# What to work on
From the entries that follow, work out how many lines contain "Continuous". Write the number only.

Start of Data shown

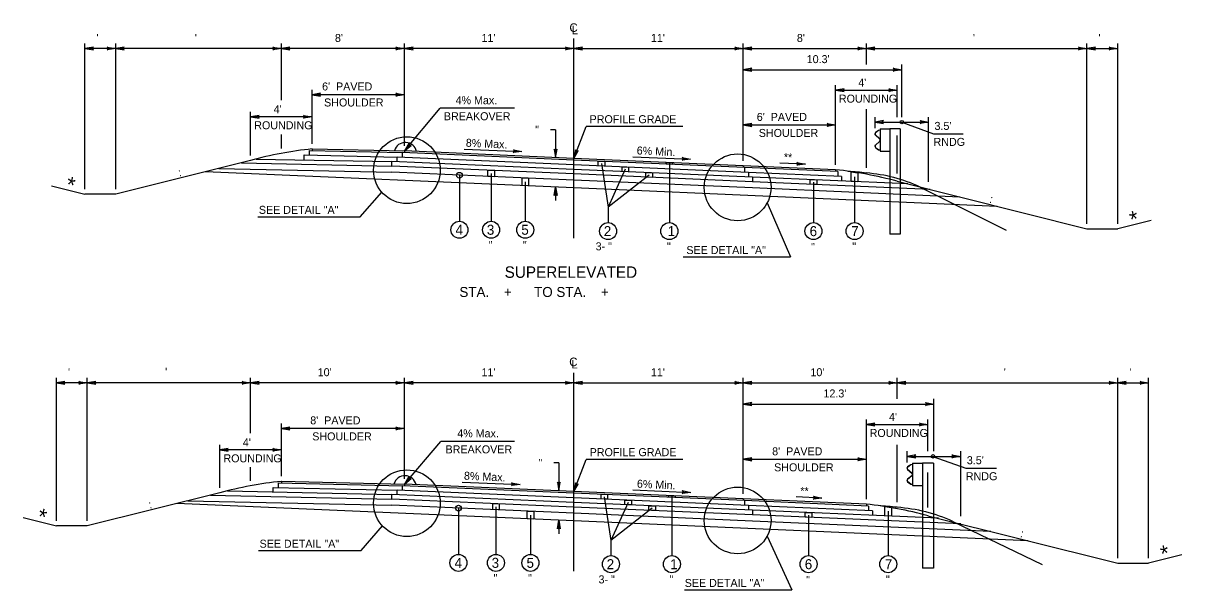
# Model space of a CAD drawing. Extents: x -592 to 1199, y -590 to 416.
# Drawn here: x 716.2 to 918.9, y -324.2 to -225.1 of the extents above; entities that cross this region are included whole.
import ezdxf

# ---------------------------------------------------------------- set-up
doc = ezdxf.new("R2010")
doc.units = 0
doc.layers.add('1', color=7, linetype='Continuous')
doc.layers.add('Des_ Drain_ Ftrs', color=7, linetype='Continuous')

msp = doc.modelspace()

# ---------------------------------------------------------------- linework, layer by layer
at = {"layer": '1'}
for p, q in [((726.98, -254.1), (726.98, -228.63)), ((732.37, -254.1), (732.37, -228.63)), ((761.34, -238.52), (761.34, -228.63)), ((782.89, -246.54), (782.89, -228.63)), ((812.53, -262.69), (812.53, -227.75)), ((842.16, -249.13), (842.16, -228.63)), ((863.71, -232.33), (863.71, -228.63)), ((902.31, -260.15), (902.31, -228.63)), ((907.69, -260.15), (907.69, -228.63)), ((732.37, -229.51), (726.98, -229.51)), ((761.34, -229.51), (732.37, -229.51)), ((782.89, -229.51), (761.34, -229.51)), ((812.53, -229.51), (782.89, -229.51)), ((812.53, -229.51), (842.16, -229.51)), ((842.16, -229.51), (863.71, -229.51)), ((863.71, -229.51), (902.31, -229.51)), ((902.31, -229.51), (907.69, -229.51)), ((869.91, -241.49), (869.91, -232.33)), ((842.16, -233.21), (869.91, -233.21)), ((766.73, -246.19), (766.73, -236.71)), ((858.33, -249.84), (858.33, -235.9)), ((858.33, -236.78), (869.1, -236.78)), ((869.1, -241.49), (869.1, -235.9)), ((782.89, -237.59), (766.73, -237.59)), ((755.95, -248.2), (755.95, -240.57)), ((782.88, -247.42), (789.14, -239.95)), ((802.11, -239.95), (789.14, -239.95)), ((863.71, -250.4), (863.71, -240.14)), ((766.73, -241.45), (755.95, -241.45)), ((812.53, -248.72), (814.67, -243.15)), ((831.59, -243.15), (814.67, -243.15)), ((842.16, -242.87), (858.33, -242.87)), ((865.22, -243.44), (865.22, -241.49)), ((865.22, -242.37), (874.6, -242.37)), ((869.91, -242.37), (875.47, -244.44)), ((874.6, -252.85), (874.6, -241.49)), ((761.34, -246.97), (761.34, -244.52)), ((809.33, -243.7), (808.45, -243.7)), ((809.33, -243.7), (809.33, -248.58)), ((865.28, -244.66), (866.01, -245.29)), ((865.82, -243.83), (865.3, -244.22)), ((865.3, -244.63), (866.03, -245.27)), ((865.83, -243.86), (865.32, -244.25)), ((866.13, -243.78), (865.82, -243.83)), ((866.13, -243.81), (865.83, -243.86)), ((866.13, -243.55), (866.13, -247.48)), ((866.13, -243.55), (867.82, -243.55)), ((867.82, -243.55), (867.82, -261.95)), ((869.64, -243.55), (867.82, -243.55)), ((869.1, -251.36), (869.1, -244.72)), ((869.64, -243.55), (869.64, -261.95)), ((875.47, -244.44), (880.62, -244.44)), ((766.73, -247.07), (782.88, -247.42)), ((766.73, -247.07), (766.73, -247.37)), ((793.31, -247.08), (803.42, -247.52)), ((866.01, -245.74), (865.28, -246.38)), ((866.03, -245.76), (865.3, -246.4)), ((865.3, -246.81), (865.82, -247.2)), ((865.32, -246.79), (865.83, -247.17)), ((865.82, -247.2), (866.13, -247.25)), ((865.83, -247.17), (866.13, -247.22)), ((866.1, -245.48), (866.1, -245.55)), ((866.13, -245.48), (866.13, -245.55)), ((755.95, -249.08), (732.37, -254.98)), ((756.91, -248.83), (780.7, -249.25)), ((765.34, -248.12), (781.62, -248.48)), ((765.34, -248.98), (765.34, -248.12)), ((766.27, -247.36), (782.54, -247.71)), ((766.27, -248.14), (766.27, -247.36)), ((812.53, -250.64), (780.7, -249.25)), ((780.7, -250.06), (780.7, -249.25)), ((812.53, -249.83), (781.62, -248.48)), ((781.62, -249.29), (781.62, -248.48)), ((812.53, -249.02), (782.54, -247.71)), ((782.54, -248.52), (782.54, -247.71)), ((812.53, -248.72), (782.88, -247.42)), ((782.88, -247.42), (782.88, -247.72)), ((842.17, -250.01), (812.53, -248.72)), ((842.4, -250.32), (812.53, -249.02)), ((822.83, -248.42), (832.94, -248.86)), ((866.13, -247.48), (867.82, -247.48)), ((812.53, -253.87), (748.05, -251.06)), ((750.39, -250.47), (780.7, -251.14)), ((754.35, -249.48), (780.7, -250.06)), ((812.53, -251.45), (780.7, -250.06)), ((812.53, -252.52), (780.7, -251.14)), ((798.05, -251.38), (798.05, -259.72)), ((843.1, -251.16), (812.53, -249.83)), ((843.81, -252), (812.53, -250.64)), ((817.35, -249.63), (818.51, -257.26)), ((821.52, -250.62), (818.51, -257.26)), ((829.23, -249.62), (829.23, -259.96)), ((858.33, -250.72), (842.17, -250.01)), ((842.17, -250.01), (842.17, -250.31)), ((858.69, -251.03), (842.4, -250.32)), ((842.4, -250.32), (842.4, -251.13)), ((859.38, -251.87), (843.1, -251.16)), ((843.1, -251.16), (843.1, -251.97)), ((853.03, -249.74), (848.54, -249.55)), ((858.33, -250.72), (858.33, -251.02)), ((858.69, -251.03), (858.69, -251.84)), ((792.5, -251.67), (792.5, -259.72)), ((804.02, -252.8), (804.02, -259.72)), ((843.81, -252.81), (812.53, -251.45)), ((843.81, -253.89), (812.53, -252.52)), ((825.7, -251.63), (818.51, -257.26)), ((843.81, -252), (843.81, -252.81)), ((870.94, -253.19), (843.81, -252)), ((874.86, -254.17), (843.81, -252.81)), ((854.45, -252.89), (854.45, -259.96)), ((859.38, -251.87), (859.38, -252.68)), ((861.65, -251.94), (861.65, -259.96)), ((865.22, -251.5), (865.22, -251.5)), ((869.1, -252.73), (902.3, -261.03)), ((721.15, -253.52), (726.98, -254.98)), ((732.37, -254.98), (726.98, -254.98)), ((775.16, -258.92), (778.9, -254.6)), ((809.33, -253.73), (809.33, -256.1)), ((886.62, -257.11), (812.53, -253.87)), ((880.08, -255.48), (843.81, -253.89)), ((873.1, -253.73), (888.15, -261.26)), ((818.51, -257.26), (818.51, -259.96)), ((846.36, -256.49), (850.42, -265.95)), ((757.22, -258.92), (775.16, -258.92)), ((902.3, -261.03), (907.69, -261.03)), ((913.52, -259.57), (907.69, -261.03)), ((869.64, -261.95), (867.82, -261.95)), ((831.63, -265.95), (850.42, -265.95)), ((721.99, -312.13), (721.99, -287.1)), ((727.38, -312.13), (727.38, -287.1)), ((755.95, -296.8), (755.95, -287.1)), ((782.89, -304.79), (782.89, -287.1)), ((812.53, -320.94), (812.53, -286.22)), ((842.16, -307.38), (842.16, -287.1)), ((869.1, -290.8), (869.1, -287.1)), ((907.69, -318.63), (907.69, -287.1)), ((913.08, -318.63), (913.08, -287.1)), ((727.38, -287.98), (721.99, -287.98)), ((755.95, -287.98), (727.38, -287.98)), ((782.89, -287.98), (755.95, -287.98)), ((812.53, -287.98), (782.89, -287.98)), ((812.53, -287.98), (842.16, -287.98)), ((842.16, -287.98), (869.1, -287.98)), ((869.1, -287.98), (907.69, -287.98)), ((907.69, -287.98), (913.08, -287.98)), ((842.16, -291.68), (875.53, -291.68)), ((875.53, -299.95), (875.53, -290.8)), ((761.34, -304.32), (761.34, -295.06)), ((782.89, -295.94), (761.34, -295.94)), ((863.71, -308.32), (863.71, -294.37)), ((863.71, -295.25), (874.49, -295.25)), ((874.49, -299.95), (874.49, -294.37)), ((750.56, -306.33), (750.56, -298.81)), ((761.34, -299.69), (750.56, -299.69)), ((782.88, -305.67), (789.22, -298.21)), ((802.15, -298.21), (789.22, -298.21)), ((869.1, -308.86), (869.1, -298.82)), ((870.84, -301.9), (870.84, -299.95)), ((880.22, -311.32), (880.22, -299.95)), ((809.9, -301.97), (809.02, -301.97)), ((809.9, -301.97), (809.9, -306.85)), ((812.53, -306.97), (814.68, -301.38)), ((831.6, -301.38), (814.68, -301.38)), ((842.16, -301.35), (863.71, -301.35)), ((870.84, -300.83), (880.22, -300.83)), ((871.79, -302.02), (871.79, -305.95)), ((871.79, -302.02), (873.53, -302.02)), ((873.53, -302.02), (873.53, -320.41)), ((875.43, -302.02), (873.53, -302.02)), ((875.36, -300.83), (881.12, -302.91)), ((875.43, -302.02), (875.43, -320.41)), ((755.95, -305.1), (755.95, -302.75)), ((870.91, -303.12), (871.67, -303.76)), ((871.46, -302.3), (870.92, -302.69)), ((870.93, -303.1), (871.69, -303.74)), ((871.47, -302.33), (870.94, -302.71)), ((871.79, -302.25), (871.46, -302.3)), ((871.79, -302.28), (871.47, -302.33)), ((871.76, -303.95), (871.76, -304.02)), ((871.79, -303.95), (871.79, -304.02)), ((874.49, -309.78), (874.49, -303.63)), ((881.12, -302.91), (886.47, -302.91)), ((760.85, -305.49), (782.54, -305.96)), ((760.85, -306.27), (760.85, -305.49)), ((761.34, -305.2), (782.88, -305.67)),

End of Data shown

# Solution
2